On the Roads of War by Ivan Yakushin
Author:Ivan Yakushin
Language: eng
Format: epub, mobi
ISBN: 9781783409112
Publisher: Pen and Sword
Published: 2013-05-28T16:00:00+00:00
Give Me a Rifle With a Twisted Barrel
We normally marched at night. During the day, we rested in forests or ravines, next to some settlement. Night marching was a tough ordeal for our new soldiers, as they had to stay awake but also feed and groom the horses during the day, as well as clean their weapons. Drivers of the gun and ammunition carriages had even more tasks to do: each one of them had two or three horses to care for. Those on duty had even more chores.
If we had to leave the forest during daylight, we had to change our cavalry shoulder boards for some other type: like infantry, with raspberry piping, or artillery, with red piping. Such secrecy was necessary in order to conceal the direction of the main thrust of our forces, so the enemy could not prepare his defences. It was especially important that the presence of cavalrymen be hidden, for we had a specific task: our role was not to remain in defence, but to enter gaps in the German line created by our infantry. We had to ride as far possible into the enemy’s rear, exploiting the success of the offensive. Thus, if a large cavalry unit arrived at a certain sector of the Front, one could expect an attack to be imminent.

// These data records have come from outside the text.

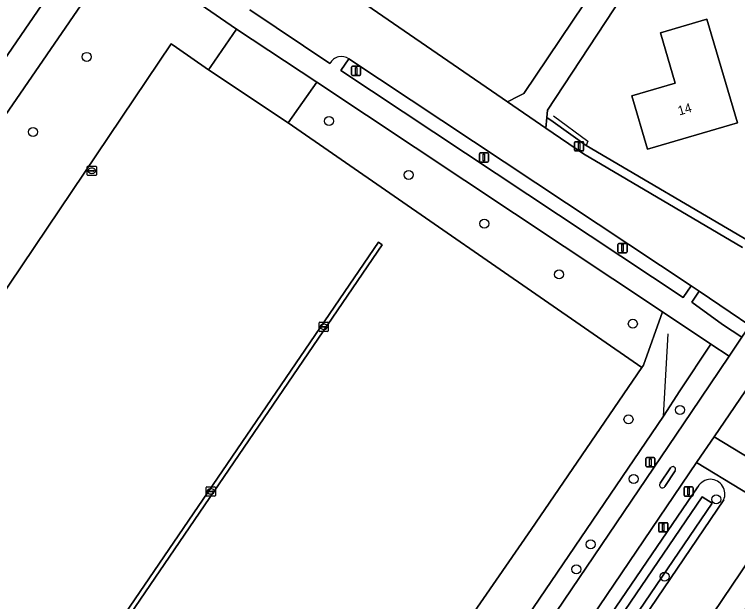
# Model space of a CAD drawing. Extents: x 157132 to 159279, y 384991 to 386650.
# Drawn here: x 158598.5 to 158676.9, y 385524.2 to 385587.8 of the extents above; entities that cross this region are included whole.
import ezdxf

# ---------------------------------------------------------------- set-up
doc = ezdxf.new("R2010")
doc.units = 0
for name, color, linetype in [('IMGEO_Boom', 7, 'Continuous'), ('IMGEO_Gemengd_bos', 7, 'Continuous'), ('IMGEO_Groenvoorziening', 7, 'Continuous'), ('IMGEO_Haag', 7, 'Continuous'), ('IMGEO_Hek', 7, 'Continuous'), ('IMGEO_Kolk', 7, 'Continuous'), ('IMGEO_Lichtmast', 7, 'Continuous'), ('IMGEO_Loofbos', 7, 'Continuous'), ('IMGEO_Oever', 7, 'Continuous'), ('IMGEO_Pand', 7, 'Continuous'), ('IMGEO_Pand_nummerreeks', 7, 'Continuous'), ('IMGEO_Parkeervlak_gesloten', 7, 'Continuous'), ('IMGEO_Rijbaan_lokaal_gesloten', 7, 'Continuous'), ('IMGEO_Sloot', 7, 'Continuous'), ('IMGEO_Verkeersbordpaal', 7, 'Continuous'), ('IMGEO_Verkeerseiland_gesloten', 7, 'Continuous'), ('IMGEO_Verkeerseiland_open', 7, 'Continuous'), ('IMGEO_Voetpad_halfverhard', 7, 'Continuous'), ('IMGEO_Voetpad_open', 7, 'Continuous'), ('IMGEO_Waterloop', 7, 'Continuous')]:
    doc.layers.add(name, color=color, linetype=linetype)

msp = doc.modelspace()

# ---------------------------------------------------------------- linework, layer by layer
at = {"layer": 'IMGEO_Boom'}
for centre in [(158606.386, 385583.201), (158632.655, 385576.242), (158600.554, 385575.065), (158641.281, 385570.409), (158649.489, 385565.13), (158657.597, 385559.623), (158665.589, 385554.274), (158670.699, 385544.939), (158665.12, 385543.916), (158665.673, 385537.459), (158674.631, 385535.247), (158661.013, 385530.373), (158659.463, 385527.672), (158669.028, 385526.874)]:
    msp.add_circle(centre, 0.489, dxfattribs=at)
at = {"layer": 'IMGEO_Gemengd_bos'}
for points in [[(158619.061, 385601.834), (158619.092, 385600.968), (158652.012, 385578.342), (158653.198, 385578.932), (158653.77, 385579.216), (158660.314, 385588.96), (158664.18, 385595.562), (158667.091, 385593.81), (158656.343, 385577.425), (158656.272, 385576.643), (158656.964, 385576.149), (158660.526, 385573.604), (158678.136, 385563.272)], [(158416.718, 385518.918), (158432.421, 385507.98), (158456.911, 385544.351), (158479.187, 385577.434), (158514.468, 385553.679), (158492.995, 385521.811), (158494.074, 385521.069), (158497.473, 385525.778), (158501.138, 385523.133), (158500.495, 385522.242), (158500, 385521.54), (158497.819, 385518.448), (158517.173, 385504.798), (158548.16, 385533.423), (158561.811, 385531.05), (158567.151, 385539), (158577.352, 385553.824), (158594.632, 385578.874), (158607.886, 385598.171), (158608.65, 385598.598), (158610.629, 385600.429)]]:
    msp.add_lwpolyline(points, dxfattribs=at)
for points in [[(158616.111, 385584.205), (158619.585, 385581.801), (158619.833, 385582.159), (158622.628, 385586.199), (158618.686, 385588.922), (158609.829, 385594.745), (158566.017, 385531.045), (158574.87, 385524.893), (158586.099, 385541.287), (158595.283, 385554.58), (158615.528, 385584.606)], [(158673.631, 385587.28), (158676.929, 385576.066), (158667.174, 385573.198), (158665.475, 385578.977), (158670.184, 385580.361), (158668.586, 385585.797)]]:
    msp.add_lwpolyline(points, close=True, dxfattribs=at)
at = {"layer": 'IMGEO_Groenvoorziening'}
for points in [[(158634.799, 385582.997), (158633.928, 385581.732), (158671.034, 385557.11), (158671.9, 385558.406)], [(158666.751, 385549.798), (158668.8, 385555.554), (158631.313, 385580.459), (158628.234, 385576.065), (158666.573, 385549.538)], [(158671.969, 385556.609), (158675.297, 385554.195), (158677.405, 385552.827), (158678.276, 385554.103), (158676.126, 385555.54), (158672.77, 385557.816)], [(158668.904, 385544.272), (158670.689, 385547.011), (158674.048, 385552.067), (158668.8, 385555.554), (158666.751, 385549.798), (158666.573, 385549.538), (158654.558, 385531.992), (158645.594, 385519.031), (158649.52, 385516.324), (158644.763, 385509.425), (158640.827, 385512.139), (158632.431, 385500), (158624.357, 385488.327), (158607.518, 385500), (158574.13, 385523.146), (158573.986, 385522.916), (158573.908, 385522.793), (158573.426, 385523.128), (158572.139, 385521.254), (158627.646, 385483.511), (158638.822, 385500)], [(158671.908, 385544.668), (158676.028, 385550.752), (158674.048, 385552.067), (158670.689, 385547.011), (158668.904, 385544.272), (158638.822, 385500), (158627.646, 385483.511), (158591.13, 385429.635), (158560.664, 385384.706), (158529.735, 385339.095), (158531.86, 385337.675), (158581.034, 385410.481)]]:
    msp.add_lwpolyline(points, close=True, dxfattribs=at)
for points in [[(158656.272, 385576.643), (158656.167, 385575.487), (158660.224, 385572.698), (158677.492, 385562.542)], [(158678.136, 385563.272), (158660.526, 385573.604), (158656.964, 385576.149), (158656.272, 385576.643)]]:
    msp.add_lwpolyline(points, dxfattribs=at)
at = {"layer": 'IMGEO_Haag'}
for points in [[(158634.799, 385582.997), (158633.928, 385581.732), (158671.034, 385557.11), (158671.9, 385558.406)], [(158631.313, 385580.459), (158628.234, 385576.065), (158666.573, 385549.538), (158666.751, 385549.798), (158668.8, 385555.554)], [(158574.13, 385523.146), (158573.986, 385522.916), (158573.908, 385522.793), (158573.426, 385523.128), (158572.139, 385521.254), (158627.646, 385483.511), (158638.822, 385500), (158668.904, 385544.272), (158670.689, 385547.011), (158674.048, 385552.067), (158668.8, 385555.554), (158666.751, 385549.798), (158666.573, 385549.538), (158654.558, 385531.992), (158645.594, 385519.031), (158649.52, 385516.324), (158644.763, 385509.425), (158640.827, 385512.139), (158632.431, 385500), (158624.357, 385488.327), (158607.518, 385500)]]:
    msp.add_lwpolyline(points, close=True, dxfattribs=at)
at = {"layer": 'IMGEO_Hek'}
for points in [[(158656.984, 385576.792), (158660.722, 385574.048), (158660.526, 385573.604)], [(158660.526, 385573.604), (158678.136, 385563.272), (158678.766, 385562.98), (158679.316, 385562.849), (158679.868, 385562.82), (158680.61, 385562.935), (158681.172, 385563.155), (158681.752, 385563.534), (158682.16, 385563.939)], [(158668.904, 385544.272), (158669.421, 385553.202)], [(158668.904, 385544.272), (158638.822, 385500), (158627.646, 385483.511)]]:
    msp.add_lwpolyline(points, dxfattribs=at)
at = {"layer": 'IMGEO_Kolk'}
for p, q in [((158606.43, 385570.426), (158606.43, 385571.278)), ((158606.505, 385571.352), (158607.357, 385571.352)), ((158606.689, 385570.846), (158606.689, 385570.858)), ((158607.127, 385570.809), (158606.729, 385570.809)), ((158606.732, 385570.895), (158607.13, 385570.895)), ((158606.918, 385571.132), (158606.943, 385571.132)), ((158607.173, 385570.858), (158607.173, 385570.846)), ((158607.431, 385571.278), (158607.431, 385570.426)), ((158607.357, 385570.352), (158606.505, 385570.352)), ((158606.941, 385570.572), (158606.916, 385570.572)), ((158631.572, 385553.526), (158631.572, 385554.378)), ((158631.647, 385554.452), (158632.499, 385554.452)), ((158632.06, 385554.232), (158632.085, 385554.232)), ((158632.573, 385554.378), (158632.573, 385553.526)), ((158632.499, 385553.452), (158631.647, 385553.452)), ((158631.831, 385553.946), (158631.831, 385553.958)), ((158632.269, 385553.909), (158631.871, 385553.909)), ((158631.874, 385553.995), (158632.272, 385553.995)), ((158632.083, 385553.672), (158632.058, 385553.672)), ((158632.315, 385553.958), (158632.315, 385553.946)), ((158619.322, 385535.679), (158619.322, 385536.531)), ((158619.397, 385536.605), (158620.249, 385536.605)), ((158619.581, 385536.099), (158619.581, 385536.111)), ((158619.624, 385536.148), (158620.022, 385536.148)), ((158619.81, 385536.385), (158619.835, 385536.385)), ((158620.065, 385536.111), (158620.065, 385536.099)), ((158620.323, 385536.531), (158620.323, 385535.679)), ((158620.249, 385535.605), (158619.397, 385535.605)), ((158620.019, 385536.062), (158619.621, 385536.062)), ((158619.833, 385535.825), (158619.808, 385535.825))]:
    msp.add_line(p, q, dxfattribs=at)
for points in [[(158606.43, 385570.426), (158606.43, 385571.278)], [(158606.505, 385571.352), (158607.357, 385571.352)], [(158607.431, 385571.278), (158607.431, 385570.426)], [(158607.357, 385570.352), (158606.505, 385570.352)], [(158631.572, 385553.526), (158631.572, 385554.378)], [(158631.647, 385554.452), (158632.499, 385554.452)], [(158632.573, 385554.378), (158632.573, 385553.526)], [(158632.499, 385553.452), (158631.647, 385553.452)], [(158619.322, 385535.679), (158619.322, 385536.531)], [(158619.397, 385536.605), (158620.249, 385536.605)], [(158620.323, 385536.531), (158620.323, 385535.679)], [(158620.249, 385535.605), (158619.397, 385535.605)]]:
    msp.add_lwpolyline(points, dxfattribs=at)
for centre, radius, start, end in [((158606.507, 385571.276), 0.0765, 91.55205, 178.44795), ((158606.507, 385571.276), 0.0765, 91.55205, 178.44795), ((158606.729, 385570.855), 0.0403, 85.87752, 175.75265), ((158606.726, 385570.845), 0.0366, 178.93798, 274.71019), ((158607.13, 385570.852), 0.043, 264.86636, 352.45326), ((158607.134, 385570.857), 0.0386, 1.73085, 96.63898), ((158607.355, 385571.276), 0.0765, 1.55205, 88.44795), ((158607.355, 385571.276), 0.0765, 1.55205, 88.44795), ((158606.507, 385570.428), 0.0765, 181.55205, 268.44795), ((158606.507, 385570.428), 0.0765, 181.55205, 268.44795), ((158607.355, 385570.428), 0.0765, 271.55205, 358.44795), ((158607.355, 385570.428), 0.0765, 271.55205, 358.44795), ((158631.649, 385554.376), 0.0765, 91.55205, 178.44795), ((158631.649, 385554.376), 0.0765, 91.55205, 178.44795), ((158632.497, 385554.376), 0.0765, 1.55205, 88.44795), ((158632.497, 385554.376), 0.0765, 1.55205, 88.44795), ((158631.649, 385553.528), 0.0765, 181.55205, 268.44795), ((158631.649, 385553.528), 0.0765, 181.55205, 268.44795), ((158631.871, 385553.955), 0.0403, 85.87752, 175.75265), ((158631.868, 385553.945), 0.0366, 178.93798, 274.71019), ((158632.272, 385553.952), 0.043, 264.86636, 352.45326), ((158632.276, 385553.957), 0.0386, 1.73085, 96.63898), ((158632.497, 385553.528), 0.0765, 271.55205, 358.44795), ((158632.497, 385553.528), 0.0765, 271.55205, 358.44795), ((158619.399, 385536.529), 0.0765, 91.55205, 178.44795), ((158619.399, 385536.529), 0.0765, 91.55205, 178.44795), ((158619.621, 385536.108), 0.0403, 85.87752, 175.75265), ((158619.618, 385536.098), 0.0366, 178.93798, 274.71019), ((158620.022, 385536.105), 0.043, 264.86636, 352.45326), ((158620.026, 385536.11), 0.0386, 1.73085, 96.63898), ((158620.247, 385536.529), 0.0765, 1.55205, 88.44795), ((158620.247, 385536.529), 0.0765, 1.55205, 88.44795), ((158619.399, 385535.681), 0.0765, 181.55205, 268.44795), ((158619.399, 385535.681), 0.0765, 181.55205, 268.44795), ((158620.247, 385535.681), 0.0765, 271.55205, 358.44795), ((158620.247, 385535.681), 0.0765, 271.55205, 358.44795)]:
    msp.add_arc(centre, radius, start, end, dxfattribs=at)
for centre, major_axis, ratio, start_param, end_param in [((158606.917, 385570.852), (-0.387, 0.002), 0.722429, 4.712389, 7.853982), ((158606.942, 385570.852), (-0.39, 0.002), 0.717154, 1.570796, 4.712389), ((158632.059, 385553.952), (-0.387, 0.002), 0.722429, 4.712389, 7.853982), ((158632.084, 385553.952), (-0.39, 0.002), 0.717154, 1.570796, 4.712389), ((158619.809, 385536.105), (-0.387, 0.002), 0.722429, 4.712389, 7.853982), ((158619.834, 385536.105), (-0.39, 0.002), 0.717154, 1.570796, 4.712389)]:
    msp.add_ellipse(centre, major_axis=major_axis, ratio=ratio, start_param=start_param, end_param=end_param, dxfattribs=at)
at = {"layer": 'IMGEO_Lichtmast'}
for p, q in [((158635.089, 385581.278), (158635.089, 385582.078)), ((158635.089, 385582.078), (158635.089, 385581.278)), ((158635.189, 385582.178), (158635.979, 385582.178)), ((158635.979, 385582.178), (158635.189, 385582.178)), ((158636.079, 385582.078), (158636.079, 385581.278)), ((158636.079, 385581.278), (158636.079, 385582.078)), ((158635.979, 385581.178), (158635.189, 385581.178)), ((158635.189, 385581.178), (158635.979, 385581.178)), ((158659.266, 385573.104), (158659.266, 385573.904)), ((158659.266, 385573.904), (158659.266, 385573.104)), ((158659.366, 385574.004), (158660.156, 385574.004)), ((158660.156, 385574.004), (158659.366, 385574.004)), ((158660.256, 385573.904), (158660.256, 385573.104)), ((158660.256, 385573.104), (158660.256, 385573.904)), ((158660.156, 385573.004), (158659.366, 385573.004)), ((158659.366, 385573.004), (158660.156, 385573.004)), ((158648.947, 385571.898), (158648.947, 385572.698)), ((158648.947, 385572.698), (158648.947, 385571.898)), ((158649.047, 385572.798), (158649.837, 385572.798)), ((158649.837, 385572.798), (158649.047, 385572.798)), ((158649.937, 385572.698), (158649.937, 385571.898)), ((158649.937, 385571.898), (158649.937, 385572.698)), ((158649.837, 385571.798), (158649.047, 385571.798)), ((158649.047, 385571.798), (158649.837, 385571.798)), ((158663.975, 385562.075), (158663.975, 385562.875)), ((158663.975, 385562.875), (158663.975, 385562.075)), ((158664.075, 385562.975), (158664.865, 385562.975)), ((158664.865, 385562.975), (158664.075, 385562.975)), ((158664.965, 385562.875), (158664.965, 385562.075)), ((158664.965, 385562.075), (158664.965, 385562.875)), ((158664.865, 385561.975), (158664.075, 385561.975)), ((158664.075, 385561.975), (158664.865, 385561.975)), ((158668.394, 385531.819), (158668.394, 385532.619)), ((158668.394, 385532.619), (158668.394, 385531.819)), ((158668.494, 385532.719), (158669.284, 385532.719)), ((158669.284, 385532.719), (158668.494, 385532.719)), ((158669.384, 385532.619), (158669.384, 385531.819)), ((158669.384, 385531.819), (158669.384, 385532.619)), ((158669.284, 385531.719), (158668.494, 385531.719)), ((158668.494, 385531.719), (158669.284, 385531.719))]:
    msp.add_line(p, q, dxfattribs=at)
for points in [[(158635.509, 385582.053), (158635.659, 385582.053), (158635.659, 385581.303), (158635.509, 385581.303), (158635.509, 385582.053)], [(158659.686, 385573.879), (158659.836, 385573.879), (158659.836, 385573.129), (158659.686, 385573.129), (158659.686, 385573.879)], [(158649.367, 385572.673), (158649.517, 385572.673), (158649.517, 385571.923), (158649.367, 385571.923), (158649.367, 385572.673)], [(158664.395, 385562.85), (158664.545, 385562.85), (158664.545, 385562.1), (158664.395, 385562.1), (158664.395, 385562.85)], [(158668.814, 385532.594), (158668.964, 385532.594), (158668.964, 385531.844), (158668.814, 385531.844), (158668.814, 385532.594)]]:
    msp.add_lwpolyline(points, dxfattribs=at)
for centre, start, end in [((158635.189, 385582.078), 90, 180), ((158635.189, 385582.078), 90, 180), ((158635.979, 385582.078), 0, 90), ((158635.979, 385582.078), 360, 90), ((158635.189, 385581.278), 180, 270), ((158635.189, 385581.278), 180, 270), ((158635.979, 385581.278), 270, 0), ((158635.979, 385581.278), 270, 0), ((158659.366, 385573.904), 90, 180), ((158659.366, 385573.904), 90, 180), ((158660.156, 385573.904), 0, 90), ((158660.156, 385573.904), 360, 90), ((158659.366, 385573.104), 180, 270), ((158659.366, 385573.104), 180, 270), ((158660.156, 385573.104), 270, 0), ((158660.156, 385573.104), 270, 0), ((158649.047, 385572.698), 90, 180), ((158649.047, 385572.698), 90, 180), ((158649.837, 385572.698), 0, 90), ((158649.837, 385572.698), 360, 90), ((158649.047, 385571.898), 180, 270), ((158649.047, 385571.898), 180, 270), ((158649.837, 385571.898), 270, 0), ((158649.837, 385571.898), 270, 0), ((158664.075, 385562.875), 90, 180), ((158664.075, 385562.875), 90, 180), ((158664.865, 385562.875), 0, 90), ((158664.865, 385562.875), 360, 90), ((158664.075, 385562.075), 180, 270), ((158664.075, 385562.075), 180, 270), ((158664.865, 385562.075), 270, 0), ((158664.865, 385562.075), 270, 0), ((158668.494, 385532.619), 90, 180), ((158668.494, 385532.619), 90, 180), ((158669.284, 385532.619), 0, 90), ((158669.284, 385532.619), 360, 90), ((158668.494, 385531.819), 180, 270), ((158668.494, 385531.819), 180, 270), ((158669.284, 385531.819), 270, 0), ((158669.284, 385531.819), 270, 0)]:
    msp.add_arc(centre, 0.1, start, end, dxfattribs=at)
at = {"layer": 'IMGEO_Loofbos'}
for points in [[(158829.534, 385770.684), (158825.89, 385765.291), (158758.28, 385665.216), (158688.968, 385562.804), (158688.692, 385563.035), (158682.812, 385554.392), (158674.409, 385542.043), (158702.865, 385524.759)], [(158702.316, 385520.276), (158702.143, 385520.922), (158701.752, 385521.463), (158672.498, 385539.233), (158554.662, 385365.305), (158526.59, 385323.554)], [(158526.115, 385320.49), (158526.494, 385322.064), (158526.708, 385322.254), (158527.65, 385322.353), (158530.805, 385326.778), (158563.335, 385375.618), (158601.84, 385432.273), (158624.577, 385466.175), (158647.655, 385500), (158672.636, 385536.613)], [(158675.44, 385535.194), (158651.568, 385500), (158630.519, 385469.342)], [(158680.176, 385526.77), (158661.45, 385500), (158624.93, 385445.662), (158623.181, 385446.733), (158658.835, 385500), (158678.392, 385528.949)]]:
    msp.add_lwpolyline(points, dxfattribs=at)
for centre, radius, start, end in [((158674.155, 385535.626), 1.812, 94.63148, 147.00101), ((158673.955, 385535.821), 1.612, 337.12473, 88.0658)]:
    msp.add_arc(centre, radius, start, end, dxfattribs=at)
at = {"layer": 'IMGEO_Oever'}
for points in [[(158672.636, 385536.613), (158647.655, 385500), (158624.577, 385466.175), (158601.84, 385432.273), (158563.335, 385375.618), (158530.805, 385326.778), (158527.65, 385322.353), (158526.708, 385322.254), (158526.494, 385322.064), (158526.115, 385320.49)], [(158572.519, 385383.258), (158590.753, 385410.188), (158601.359, 385425.531), (158630.519, 385469.342), (158651.568, 385500), (158675.44, 385535.194)]]:
    msp.add_lwpolyline(points, dxfattribs=at)
msp.add_lwpolyline([(158528.132, 385321.562), (158596.54, 385423.091), (158673.1, 385535.532), (158674.204, 385534.853), (158606.646, 385435.575), (158542.612, 385340.883), (158528.939, 385321.095)], close=True, dxfattribs=at)
for centre, radius, start, end in [((158674.155, 385535.626), 1.812, 94.63148, 147.00101), ((158673.955, 385535.821), 1.612, 337.12473, 88.0658)]:
    msp.add_arc(centre, radius, start, end, dxfattribs=at)
at = {"layer": 'IMGEO_Pand'}
msp.add_lwpolyline([(158667.174, 385573.198), (158676.929, 385576.066), (158673.631, 385587.28), (158668.586, 385585.797), (158670.184, 385580.361), (158665.475, 385578.977)], close=True, dxfattribs=at)
at = {"layer": 'IMGEO_Parkeervlak_gesloten'}
for points in [[(158666.573, 385549.538), (158628.234, 385576.065), (158619.585, 385581.801), (158616.111, 385584.205), (158615.528, 385584.606), (158595.283, 385554.58), (158586.099, 385541.287), (158574.87, 385524.893), (158575.182, 385524.676), (158574.13, 385523.146), (158607.518, 385500), (158624.357, 385488.327), (158632.431, 385500), (158640.827, 385512.139), (158645.594, 385519.031), (158654.558, 385531.992)], [(158601.97, 385509.43), (158601.537, 385509.707), (158638.024, 385563.116), (158638.427, 385562.839)]]:
    msp.add_lwpolyline(points, close=True, dxfattribs=at)
at = {"layer": 'IMGEO_Rijbaan_lokaal_gesloten'}
for points in [[(158677.492, 385562.542), (158660.224, 385572.698), (158656.167, 385575.487), (158652.012, 385578.342), (158619.092, 385600.968), (158619.061, 385601.834), (158608.023, 385608.276), (158603.015, 385611.799), (158602.195, 385612.374), (158597.172, 385615.892), (158592.17, 385619.396), (158591.18, 385620.102), (158533.536, 385659.559), (158531.086, 385661.236), (158508.177, 385676.917), (158500.285, 385682.641), (158486.116, 385692.836)], [(158624.046, 385588.306), (158632.749, 385582.498)], [(158634.799, 385582.997), (158671.9, 385558.406), (158672.77, 385557.816), (158676.126, 385555.54), (158678.276, 385554.103), (158678.853, 385553.755), (158679.428, 385553.458)], [(158672.498, 385539.233), (158672.575, 385539.348), (158674.409, 385542.043), (158682.812, 385554.392), (158682.253, 385553.991), (158681.695, 385553.635)], [(158679.428, 385553.458), (158678.853, 385553.755), (158678.276, 385554.103), (158677.405, 385552.827), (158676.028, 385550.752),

At one of our daily breaks we received an order to return all captured small arms: only gun leaders were permitted to keep sub-machine guns. It was always like that. As soon as we entered a gap in the German defences and went into battle, we would pile our cavalry carbines on a carriage and pick up sub-machine guns – be they Russian or German. After the fighting, we always received an order to hand in all weapons that did not fit our field manuals and switched back to carbines. Gun-layers were also supposed to get pistols, but they never got them during the whole war.
In place of the weapons that we handed in, the crews and drivers received the Model 1891 Mosin-Nagant infantry long-barrelled rifles, which did not suit anyone in the cavalry. But orders are not to be discussed and we began cleaning the weapons. The rifles were old and in poor shape. One of the young soldiers was cleaning his barrel with a ramrod and slammed it in with such force that he could not get it out. He was almost weeping with frustration. I had to help him out. I ordered him to take a bullet out of the cartridge. I put this improvised blank cartridge into the chamber, closed the lock, and walked away from my men. Then I fired the ramrod into the air. This, of course, was against all regulations: but I had no other choice. We were doing all this in a spot between a forest and a road. After cleaning the rifles, we had to adjust their sights by test-firing them. We test-fired the rifles at targets set below the brow of a hill, between the forest and the road.